You mention finding only C/C++
code examples of poly/metamorphic programming and inferred that only languages close to the hardware can be poly/metamorphic. This is true for the strictest definitions of poly/metamorphic code. Interpreted languages can have poly/metamorphic behavior but rely on a statically complied interpreter to execute, hence a large portion of the 'run-time signature' is not mutable. Only compiled low level languages offer the computational flexibility to have a highly mutable 'run time signature.'
Here is some 'polymorphic' PHP code I wrote.
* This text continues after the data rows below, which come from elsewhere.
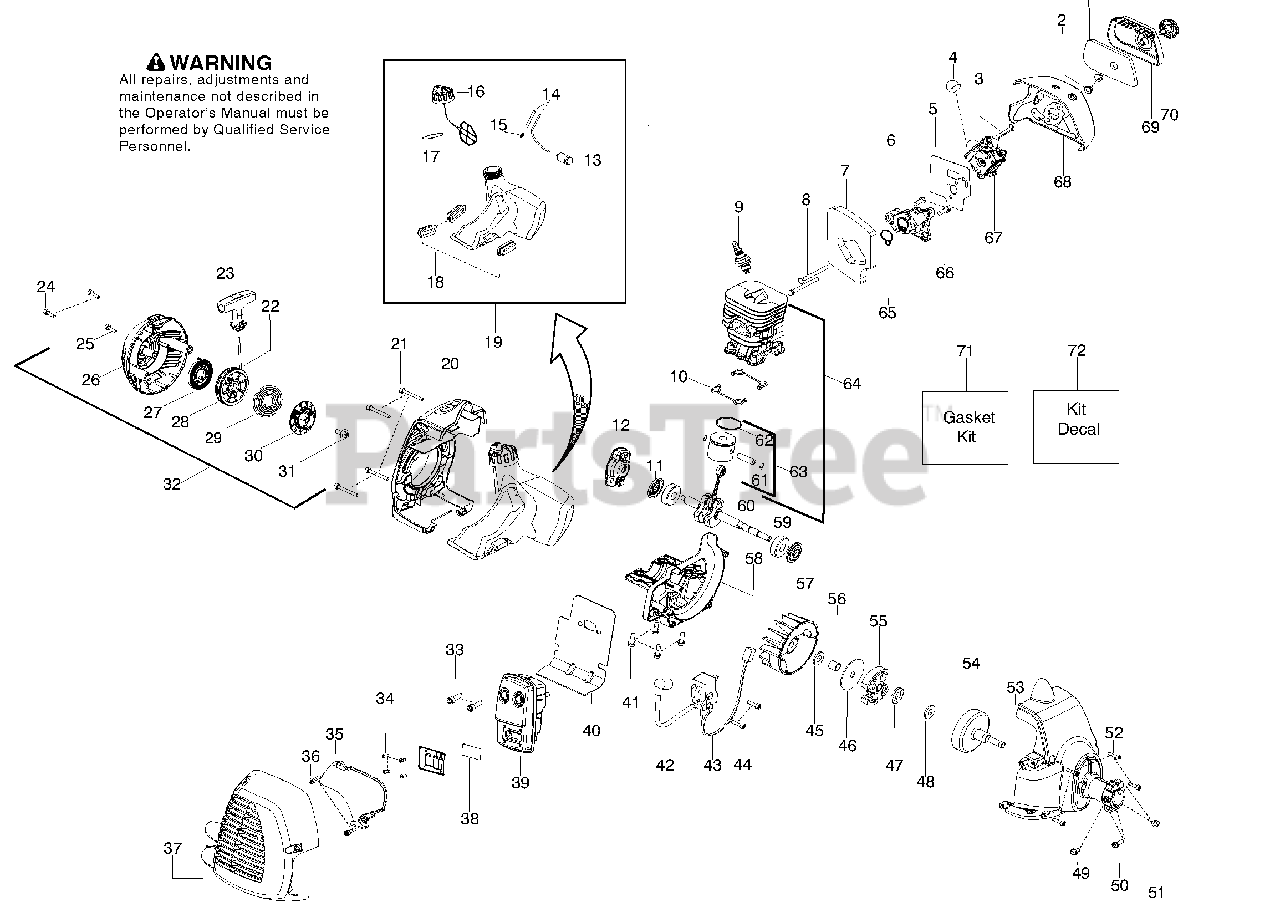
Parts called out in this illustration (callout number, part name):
2	Nut-Carb. Screw
3	Lever - Choke
4	Bulb-Purge
5	Kit-Carb. Gasket
6	Adaptor-Carb.
7	Foam-Gasket (kit)
9	Plug-Spark (RCJ-8Y)
10	Seal-Cylinder (kit)
11	Seal-Crankshaft (kit)
12	Assy-Starter Pawl
13	Assy-Fuel Filter
14	Kit-Fuel Line
15	Fitting-Fuel line
16	Assy-Cap w/ret.
17	O-ring - Fuel Cap (kit)
18	Isolator-Fuel Tank
19	Kit-Fuel Tank Assy.
20	Shroud-Rear (KIT)
22	Kit-Rope
23	Handle-Starter
26	Hsg.-Starter (KIT)
27	Kit-Spring
28	Kit-Starter Pulley
29	Spring - Driver
30	Pulley-Driver
32	Assy-Starter Hsg.
33	Bolt-Muffler
34	Screw
35	Shield-Heat
37	Kit - Muffler Guard
38	Kit-Spark
39	Kit-Muffler
40	Gasket-Paper Met.(kit)
43	Assy-Leadwire
46	Washer-Clutch
47	Bearing - Thrust
48	Washer - Thrust
49	Screw
50	Screw
53	Assy-Fan Housing
54	Assy-Clutch Drum
55	Assy-Clutch
58	Crankcase-Cast
60	Assy-Crankshaft
61	Retainer-Piston Pin
62	Ring-Piston
63	Kit-Piston
64	Kit-Piston/Cyl.
65	Seal-adaptor (kit)
67	Kit-Carb.
68	Airbox
69	Cover-Air Box
71	Kit-Gasket
72	Kit - Decal
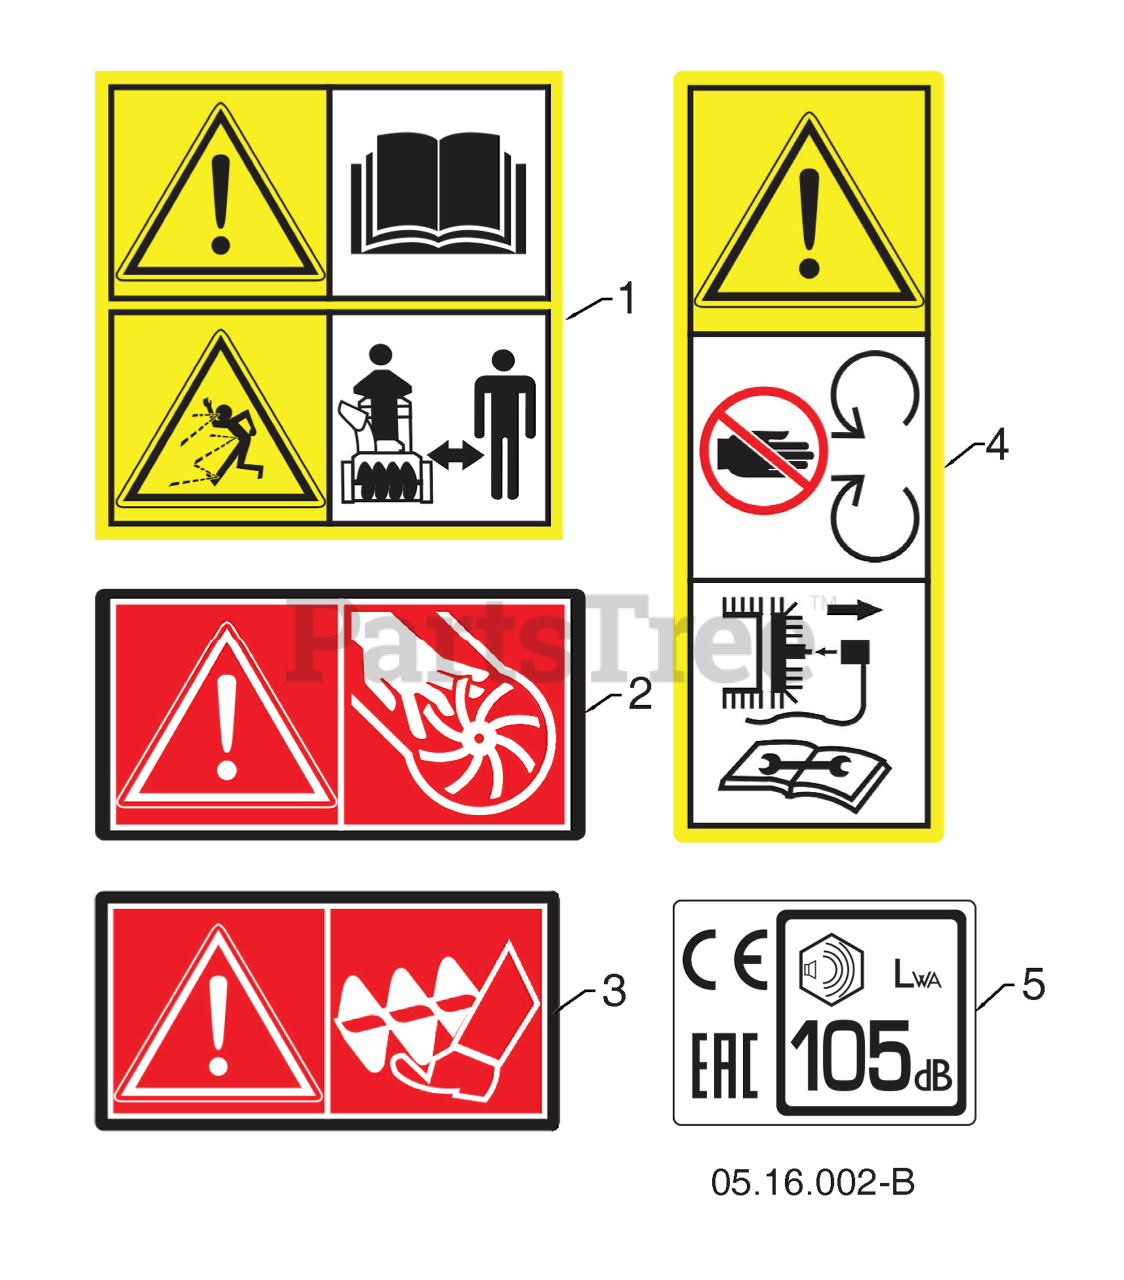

PHP being an interpreted language and not a compiled language makes true polymorphism impossible.
PHP Code:
<?php
// Programs functional Execution Section
system("echo Hello World!!\\n");
// mutable malicious payload goes here (if you were devious)
// Programs Polymorphic Engine Section
recombinate();
?>
<?php
function recombinate() {
$file = __FILE__; //assigns file path to $file using magic constant
$contents = file_get_contents($file); //gets file contents as string
$fileLines = explode("\n", $contents); //splits into file lines as string array
$varLine = $fileLines[2]; //extracts third file line as string
$charArr = str_split($varLine); //splits third line into char array
$augStr = augmentStr($charArr); //recursively augments char array
$newLine = implode("",$augStr); //rebuilds char array into string
$fileLines[2] = $newLine; //inserts string back into array
$newContents = implode("\n",$fileLines); //rebuilds array into single string
file_put_contents($file,$newContents); //writes out augmented file
sleep(1); //let the CPU rest
$pid = pcntl_fork(); //forks process
if($pid) { //if in parent:
exit(0); //exit parent process
} //WARNING: creates 'Zombie' child process
else { //else in child process
system("nohup php -f " .$file . " 2> /dev/null"); //executes augmented file
exit(0); //exits exit child process
}
}
function augmentStr($inArr) {
if (mt_rand(0,6) < 5) { //determines mutability
/*$startIndex & $endIndex define mutable parts of file line as Xs
* system("echo XXXXX ... XXXXX\\n");
* 01234567890123 -7654321
*/
$startIndex = 13;
$endIndex = count($inArr)-7;
$targetIndex = mt_rand($startIndex,$endIndex); //choose mutable index
$inArr[$targetIndex] = getSafeChar(mt_rand(0,62)); //mutate index
$inArr = augmentStr($inArr); //recurse
}
return $inArr;
}
function getSafeChar($inNum) { //cannot use escaped characters
$outChar; //must be a standard PHP char
if ($inNum >= 0 && $inNum <= 9 ) { $outChar = chr($inNum + 48); }
else if ($inNum >= 10 && $inNum <= 35) { $outChar = chr($inNum + 55); }
else if ($inNum >= 36 && $inNum <= 61) { $outChar = chr($inNum + 61); }
else if ($inNum == 62) { $outChar = " "; }
else { $outChar = " "; }
return $outChar;
}
?>
WARNING: Creates a zombie process, know how to kill a zombie process before running code
Information Finding Techniques:
This article contains more specific information then Wikipedia. This article does not, however, contain true source code. If you would like my advice, though it is highly unlikely that would will find sample source code, you may be able to find sufficient academic documentation to create your own metamorphic code. Consider this to start (google scholar):
When reading academic articles/papers be sure to look at the sources at the end of the document as these sources my also have valuable information.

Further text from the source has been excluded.